**Exercise instructions**
With the images removed, transcribe the listing that follows exactly.

**Listed entries**
^^^^

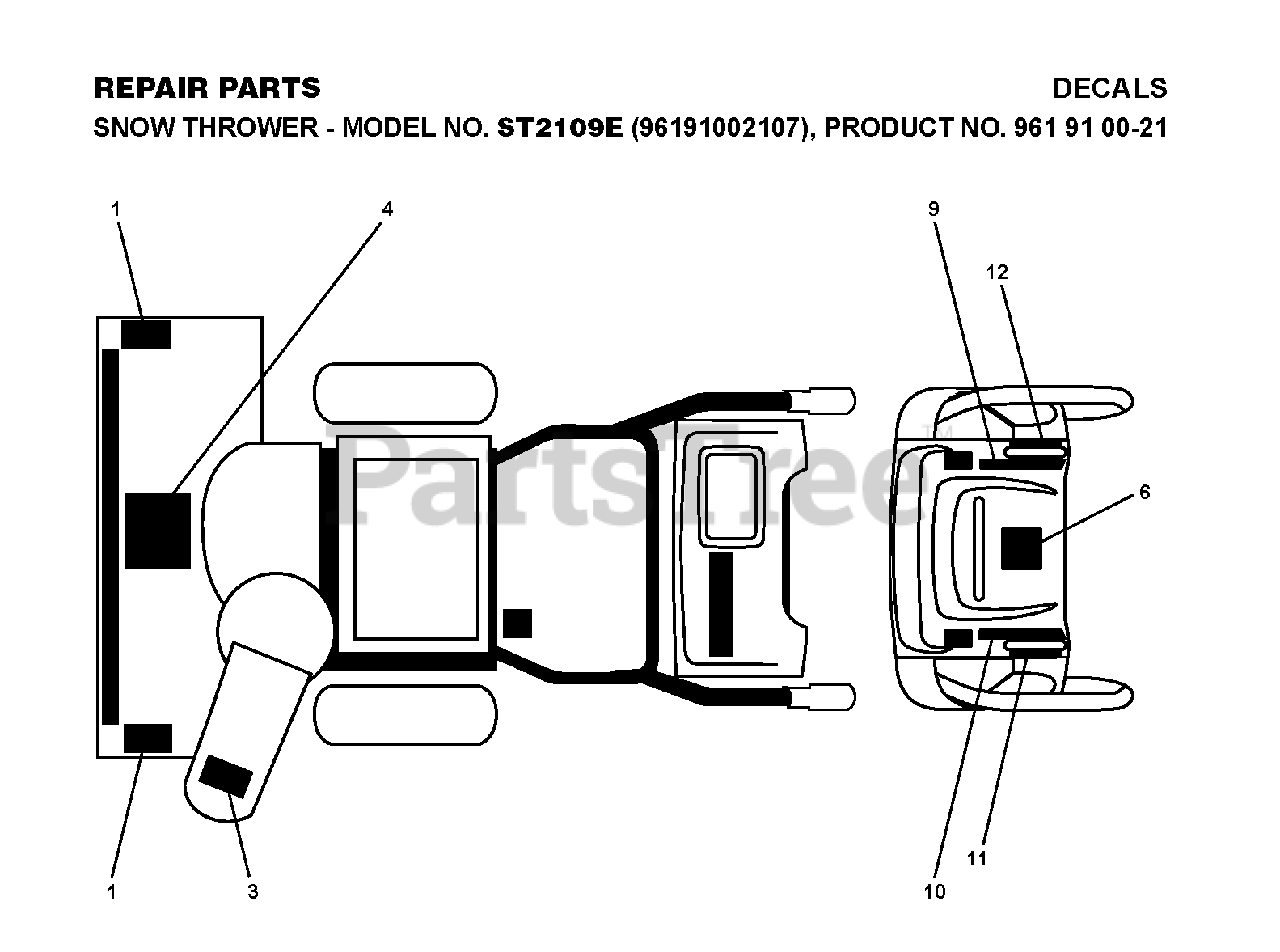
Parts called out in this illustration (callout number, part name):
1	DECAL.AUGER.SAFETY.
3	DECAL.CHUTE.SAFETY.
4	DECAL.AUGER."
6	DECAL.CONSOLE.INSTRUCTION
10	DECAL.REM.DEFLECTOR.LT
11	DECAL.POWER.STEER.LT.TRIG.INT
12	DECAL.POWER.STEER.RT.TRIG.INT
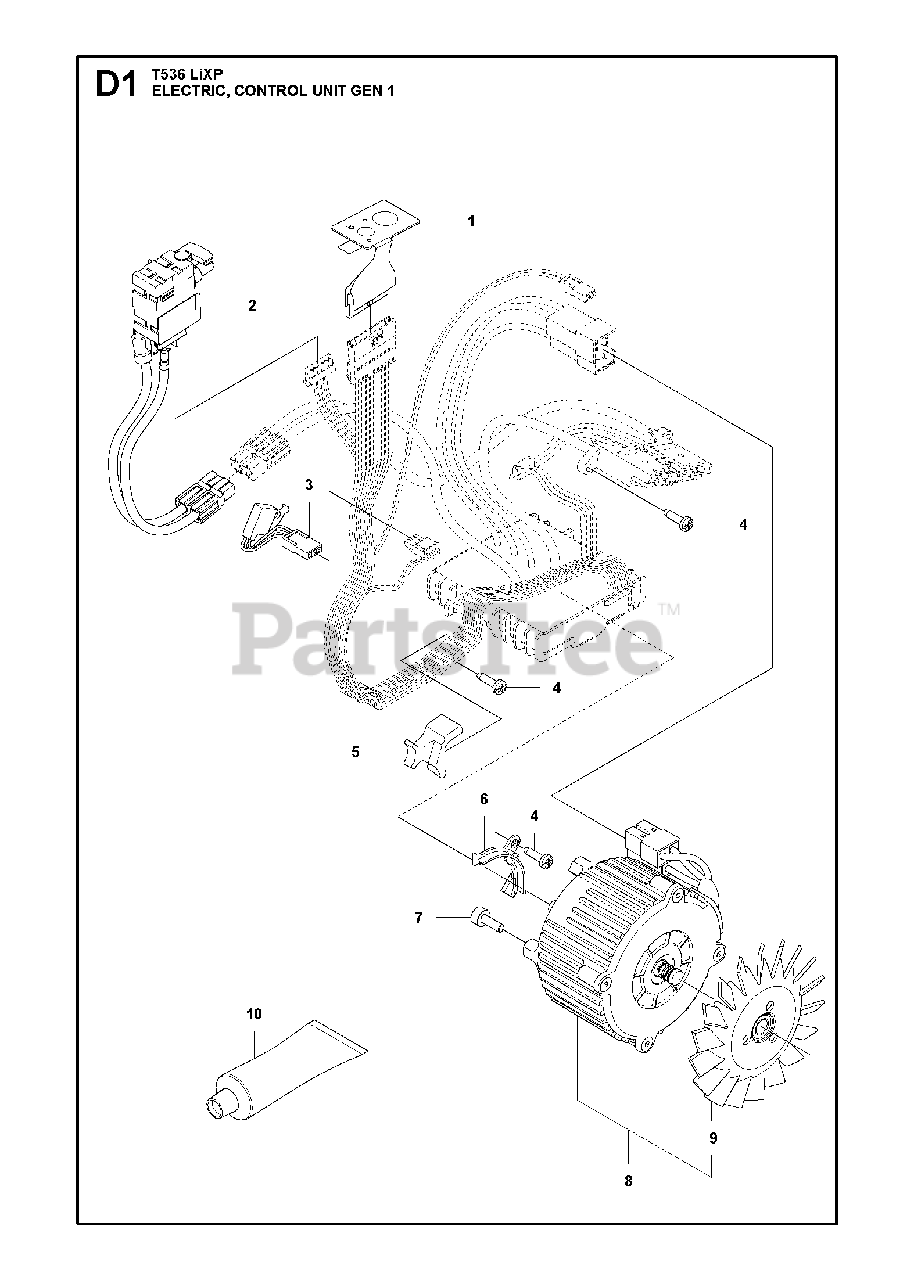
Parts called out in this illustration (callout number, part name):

^^^^

**Result below**
Parts called out in this illustration (callout number, part name):
1	DECAL.AUGER.SAFETY.
3	DECAL.CHUTE.SAFETY.
4	DECAL.AUGER."
6	DECAL.CONSOLE.INSTRUCTION
10	DECAL.REM.DEFLECTOR.LT
11	DECAL.POWER.STEER.LT.TRIG.INT
12	DECAL.POWER.STEER.RT.TRIG.INT
Parts called out in this illustration (callout number, part name):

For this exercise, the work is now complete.